(Requirement): An exact copy of all the data is the required output.

___

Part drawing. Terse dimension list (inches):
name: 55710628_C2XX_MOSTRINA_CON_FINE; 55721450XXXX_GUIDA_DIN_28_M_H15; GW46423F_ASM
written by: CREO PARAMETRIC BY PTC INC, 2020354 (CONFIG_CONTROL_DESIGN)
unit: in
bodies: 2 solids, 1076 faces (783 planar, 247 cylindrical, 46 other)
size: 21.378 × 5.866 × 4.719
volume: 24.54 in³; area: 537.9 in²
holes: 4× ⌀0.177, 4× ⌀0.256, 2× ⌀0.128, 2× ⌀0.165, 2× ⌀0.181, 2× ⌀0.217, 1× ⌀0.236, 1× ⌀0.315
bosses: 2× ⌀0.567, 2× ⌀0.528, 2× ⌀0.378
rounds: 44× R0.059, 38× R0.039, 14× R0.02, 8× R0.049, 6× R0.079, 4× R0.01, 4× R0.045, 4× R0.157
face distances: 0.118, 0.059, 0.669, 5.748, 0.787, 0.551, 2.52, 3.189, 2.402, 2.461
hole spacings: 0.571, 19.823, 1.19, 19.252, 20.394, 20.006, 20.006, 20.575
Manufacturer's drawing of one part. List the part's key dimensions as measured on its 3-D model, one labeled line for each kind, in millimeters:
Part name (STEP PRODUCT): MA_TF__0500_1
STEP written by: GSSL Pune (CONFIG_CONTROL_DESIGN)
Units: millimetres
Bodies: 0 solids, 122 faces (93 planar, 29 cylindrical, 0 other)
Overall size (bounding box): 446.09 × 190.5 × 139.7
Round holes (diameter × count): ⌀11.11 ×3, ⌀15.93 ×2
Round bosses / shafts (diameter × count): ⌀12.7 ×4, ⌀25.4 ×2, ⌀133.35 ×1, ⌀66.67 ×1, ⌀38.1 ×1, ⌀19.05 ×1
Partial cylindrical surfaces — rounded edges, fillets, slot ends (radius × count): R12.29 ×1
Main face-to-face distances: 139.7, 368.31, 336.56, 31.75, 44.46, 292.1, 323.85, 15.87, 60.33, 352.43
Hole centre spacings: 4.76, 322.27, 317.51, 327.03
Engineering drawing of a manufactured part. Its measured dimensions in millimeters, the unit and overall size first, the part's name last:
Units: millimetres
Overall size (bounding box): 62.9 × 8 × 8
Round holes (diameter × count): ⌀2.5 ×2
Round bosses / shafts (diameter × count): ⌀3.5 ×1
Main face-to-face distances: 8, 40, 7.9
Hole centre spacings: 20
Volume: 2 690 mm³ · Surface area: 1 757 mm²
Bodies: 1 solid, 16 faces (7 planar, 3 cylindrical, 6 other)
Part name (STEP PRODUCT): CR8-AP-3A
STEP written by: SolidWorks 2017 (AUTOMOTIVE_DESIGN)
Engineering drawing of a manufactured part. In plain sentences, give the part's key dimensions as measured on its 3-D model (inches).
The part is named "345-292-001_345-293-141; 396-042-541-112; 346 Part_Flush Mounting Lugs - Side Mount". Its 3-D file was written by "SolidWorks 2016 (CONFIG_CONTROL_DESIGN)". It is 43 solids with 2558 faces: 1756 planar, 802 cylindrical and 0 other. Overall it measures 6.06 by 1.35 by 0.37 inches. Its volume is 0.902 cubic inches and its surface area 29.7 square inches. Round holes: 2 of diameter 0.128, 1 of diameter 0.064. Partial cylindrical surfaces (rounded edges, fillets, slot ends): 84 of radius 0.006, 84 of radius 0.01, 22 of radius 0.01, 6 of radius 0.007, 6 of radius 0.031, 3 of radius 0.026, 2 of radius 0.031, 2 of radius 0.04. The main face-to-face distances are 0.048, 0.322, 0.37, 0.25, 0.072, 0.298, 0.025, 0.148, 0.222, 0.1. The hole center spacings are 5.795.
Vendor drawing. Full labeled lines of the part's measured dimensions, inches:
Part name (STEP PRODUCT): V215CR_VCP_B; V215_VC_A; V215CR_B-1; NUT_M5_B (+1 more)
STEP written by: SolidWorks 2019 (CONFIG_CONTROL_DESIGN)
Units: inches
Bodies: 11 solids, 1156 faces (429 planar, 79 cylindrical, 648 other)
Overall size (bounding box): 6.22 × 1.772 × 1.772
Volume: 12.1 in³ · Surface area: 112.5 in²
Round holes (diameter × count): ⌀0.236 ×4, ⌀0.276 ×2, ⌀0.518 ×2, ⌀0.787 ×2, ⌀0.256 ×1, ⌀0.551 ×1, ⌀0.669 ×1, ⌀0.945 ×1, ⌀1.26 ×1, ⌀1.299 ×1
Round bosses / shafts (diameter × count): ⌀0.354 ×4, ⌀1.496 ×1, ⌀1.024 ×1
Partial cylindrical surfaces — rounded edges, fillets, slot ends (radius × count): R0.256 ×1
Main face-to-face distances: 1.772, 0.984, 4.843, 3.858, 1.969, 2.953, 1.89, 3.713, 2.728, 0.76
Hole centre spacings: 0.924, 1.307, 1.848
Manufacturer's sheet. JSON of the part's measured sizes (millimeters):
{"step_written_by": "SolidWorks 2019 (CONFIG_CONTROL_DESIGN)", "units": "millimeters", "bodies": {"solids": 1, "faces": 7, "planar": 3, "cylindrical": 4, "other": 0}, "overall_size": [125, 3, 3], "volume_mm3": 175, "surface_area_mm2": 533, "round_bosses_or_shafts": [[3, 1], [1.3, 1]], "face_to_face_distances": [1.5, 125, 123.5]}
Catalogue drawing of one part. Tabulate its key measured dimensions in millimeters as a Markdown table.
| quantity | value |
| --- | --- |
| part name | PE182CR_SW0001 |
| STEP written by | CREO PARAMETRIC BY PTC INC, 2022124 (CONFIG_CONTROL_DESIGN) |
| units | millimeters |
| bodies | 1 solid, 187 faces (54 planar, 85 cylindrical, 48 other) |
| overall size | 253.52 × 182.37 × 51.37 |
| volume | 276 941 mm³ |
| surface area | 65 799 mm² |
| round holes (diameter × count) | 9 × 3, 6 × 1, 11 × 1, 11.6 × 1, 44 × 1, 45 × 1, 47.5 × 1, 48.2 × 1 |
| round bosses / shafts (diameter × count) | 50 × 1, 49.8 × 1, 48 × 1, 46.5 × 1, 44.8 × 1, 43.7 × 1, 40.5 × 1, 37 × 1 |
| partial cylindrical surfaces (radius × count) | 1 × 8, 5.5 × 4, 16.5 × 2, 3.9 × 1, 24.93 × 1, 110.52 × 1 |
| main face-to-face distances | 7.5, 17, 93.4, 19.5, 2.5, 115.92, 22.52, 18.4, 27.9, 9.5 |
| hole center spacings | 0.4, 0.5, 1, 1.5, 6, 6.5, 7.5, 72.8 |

___

(Response for this exercise):
Part drawing. Terse dimension list (inches):
name: 55710628_C2XX_MOSTRINA_CON_FINE; 55721450XXXX_GUIDA_DIN_28_M_H15; GW46423F_ASM
written by: CREO PARAMETRIC BY PTC INC, 2020354 (CONFIG_CONTROL_DESIGN)
unit: in
bodies: 2 solids, 1076 faces (783 planar, 247 cylindrical, 46 other)
size: 21.378 × 5.866 × 4.719
volume: 24.54 in³; area: 537.9 in²
holes: 4× ⌀0.177, 4× ⌀0.256, 2× ⌀0.128, 2× ⌀0.165, 2× ⌀0.181, 2× ⌀0.217, 1× ⌀0.236, 1× ⌀0.315
bosses: 2× ⌀0.567, 2× ⌀0.528, 2× ⌀0.378
rounds: 44× R0.059, 38× R0.039, 14× R0.02, 8× R0.049, 6× R0.079, 4× R0.01, 4× R0.045, 4× R0.157
face distances: 0.118, 0.059, 0.669, 5.748, 0.787, 0.551, 2.52, 3.189, 2.402, 2.461
hole spacings: 0.571, 19.823, 1.19, 19.252, 20.394, 20.006, 20.006, 20.575
Manufacturer's drawing of one part. List the part's key dimensions as measured on its 3-D model, one labeled line for each kind, in millimeters:
Part name (STEP PRODUCT): MA_TF__0500_1
STEP written by: GSSL Pune (CONFIG_CONTROL_DESIGN)
Units: millimetres
Bodies: 0 solids, 122 faces (93 planar, 29 cylindrical, 0 other)
Overall size (bounding box): 446.09 × 190.5 × 139.7
Round holes (diameter × count): ⌀11.11 ×3, ⌀15.93 ×2
Round bosses / shafts (diameter × count): ⌀12.7 ×4, ⌀25.4 ×2, ⌀133.35 ×1, ⌀66.67 ×1, ⌀38.1 ×1, ⌀19.05 ×1
Partial cylindrical surfaces — rounded edges, fillets, slot ends (radius × count): R12.29 ×1
Main face-to-face distances: 139.7, 368.31, 336.56, 31.75, 44.46, 292.1, 323.85, 15.87, 60.33, 352.43
Hole centre spacings: 4.76, 322.27, 317.51, 327.03
Engineering drawing of a manufactured part. Its measured dimensions in millimeters, the unit and overall size first, the part's name last:
Units: millimetres
Overall size (bounding box): 62.9 × 8 × 8
Round holes (diameter × count): ⌀2.5 ×2
Round bosses / shafts (diameter × count): ⌀3.5 ×1
Main face-to-face distances: 8, 40, 7.9
Hole centre spacings: 20
Volume: 2 690 mm³ · Surface area: 1 757 mm²
Bodies: 1 solid, 16 faces (7 planar, 3 cylindrical, 6 other)
Part name (STEP PRODUCT): CR8-AP-3A
STEP written by: SolidWorks 2017 (AUTOMOTIVE_DESIGN)
Engineering drawing of a manufactured part. In plain sentences, give the part's key dimensions as measured on its 3-D model (inches).
The part is named "345-292-001_345-293-141; 396-042-541-112; 346 Part_Flush Mounting Lugs - Side Mount". Its 3-D file was written by "SolidWorks 2016 (CONFIG_CONTROL_DESIGN)". It is 43 solids with 2558 faces: 1756 planar, 802 cylindrical and 0 other. Overall it measures 6.06 by 1.35 by 0.37 inches. Its volume is 0.902 cubic inches and its surface area 29.7 square inches. Round holes: 2 of diameter 0.128, 1 of diameter 0.064. Partial cylindrical surfaces (rounded edges, fillets, slot ends): 84 of radius 0.006, 84 of radius 0.01, 22 of radius 0.01, 6 of radius 0.007, 6 of radius 0.031, 3 of radius 0.026, 2 of radius 0.031, 2 of radius 0.04. The main face-to-face distances are 0.048, 0.322, 0.37, 0.25, 0.072, 0.298, 0.025, 0.148, 0.222, 0.1. The hole center spacings are 5.795.
Vendor drawing. Full labeled lines of the part's measured dimensions, inches:
Part name (STEP PRODUCT): V215CR_VCP_B; V215_VC_A; V215CR_B-1; NUT_M5_B (+1 more)
STEP written by: SolidWorks 2019 (CONFIG_CONTROL_DESIGN)
Units: inches
Bodies: 11 solids, 1156 faces (429 planar, 79 cylindrical, 648 other)
Overall size (bounding box): 6.22 × 1.772 × 1.772
Volume: 12.1 in³ · Surface area: 112.5 in²
Round holes (diameter × count): ⌀0.236 ×4, ⌀0.276 ×2, ⌀0.518 ×2, ⌀0.787 ×2, ⌀0.256 ×1, ⌀0.551 ×1, ⌀0.669 ×1, ⌀0.945 ×1, ⌀1.26 ×1, ⌀1.299 ×1
Round bosses / shafts (diameter × count): ⌀0.354 ×4, ⌀1.496 ×1, ⌀1.024 ×1
Partial cylindrical surfaces — rounded edges, fillets, slot ends (radius × count): R0.256 ×1
Main face-to-face distances: 1.772, 0.984, 4.843, 3.858, 1.969, 2.953, 1.89, 3.713, 2.728, 0.76
Hole centre spacings: 0.924, 1.307, 1.848
Manufacturer's sheet. JSON of the part's measured sizes (millimeters):
{"step_written_by": "SolidWorks 2019 (CONFIG_CONTROL_DESIGN)", "units": "millimeters", "bodies": {"solids": 1, "faces": 7, "planar": 3, "cylindrical": 4, "other": 0}, "overall_size": [125, 3, 3], "volume_mm3": 175, "surface_area_mm2": 533, "round_bosses_or_shafts": [[3, 1], [1.3, 1]], "face_to_face_distances": [1.5, 125, 123.5]}
Catalogue drawing of one part. Tabulate its key measured dimensions in millimeters as a Markdown table.
| quantity | value |
| --- | --- |
| part name | PE182CR_SW0001 |
| STEP written by | CREO PARAMETRIC BY PTC INC, 2022124 (CONFIG_CONTROL_DESIGN) |
| units | millimeters |
| bodies | 1 solid, 187 faces (54 planar, 85 cylindrical, 48 other) |
| overall size | 253.52 × 182.37 × 51.37 |
| volume | 276 941 mm³ |
| surface area | 65 799 mm² |
| round holes (diameter × count) | 9 × 3, 6 × 1, 11 × 1, 11.6 × 1, 44 × 1, 45 × 1, 47.5 × 1, 48.2 × 1 |
| round bosses / shafts (diameter × count) | 50 × 1, 49.8 × 1, 48 × 1, 46.5 × 1, 44.8 × 1, 43.7 × 1, 40.5 × 1, 37 × 1 |
| partial cylindrical surfaces (radius × count) | 1 × 8, 5.5 × 4, 16.5 × 2, 3.9 × 1, 24.93 × 1, 110.52 × 1 |
| main face-to-face distances | 7.5, 17, 93.4, 19.5, 2.5, 115.92, 22.52, 18.4, 27.9, 9.5 |
| hole center spacings | 0.4, 0.5, 1, 1.5, 6, 6.5, 7.5, 72.8 |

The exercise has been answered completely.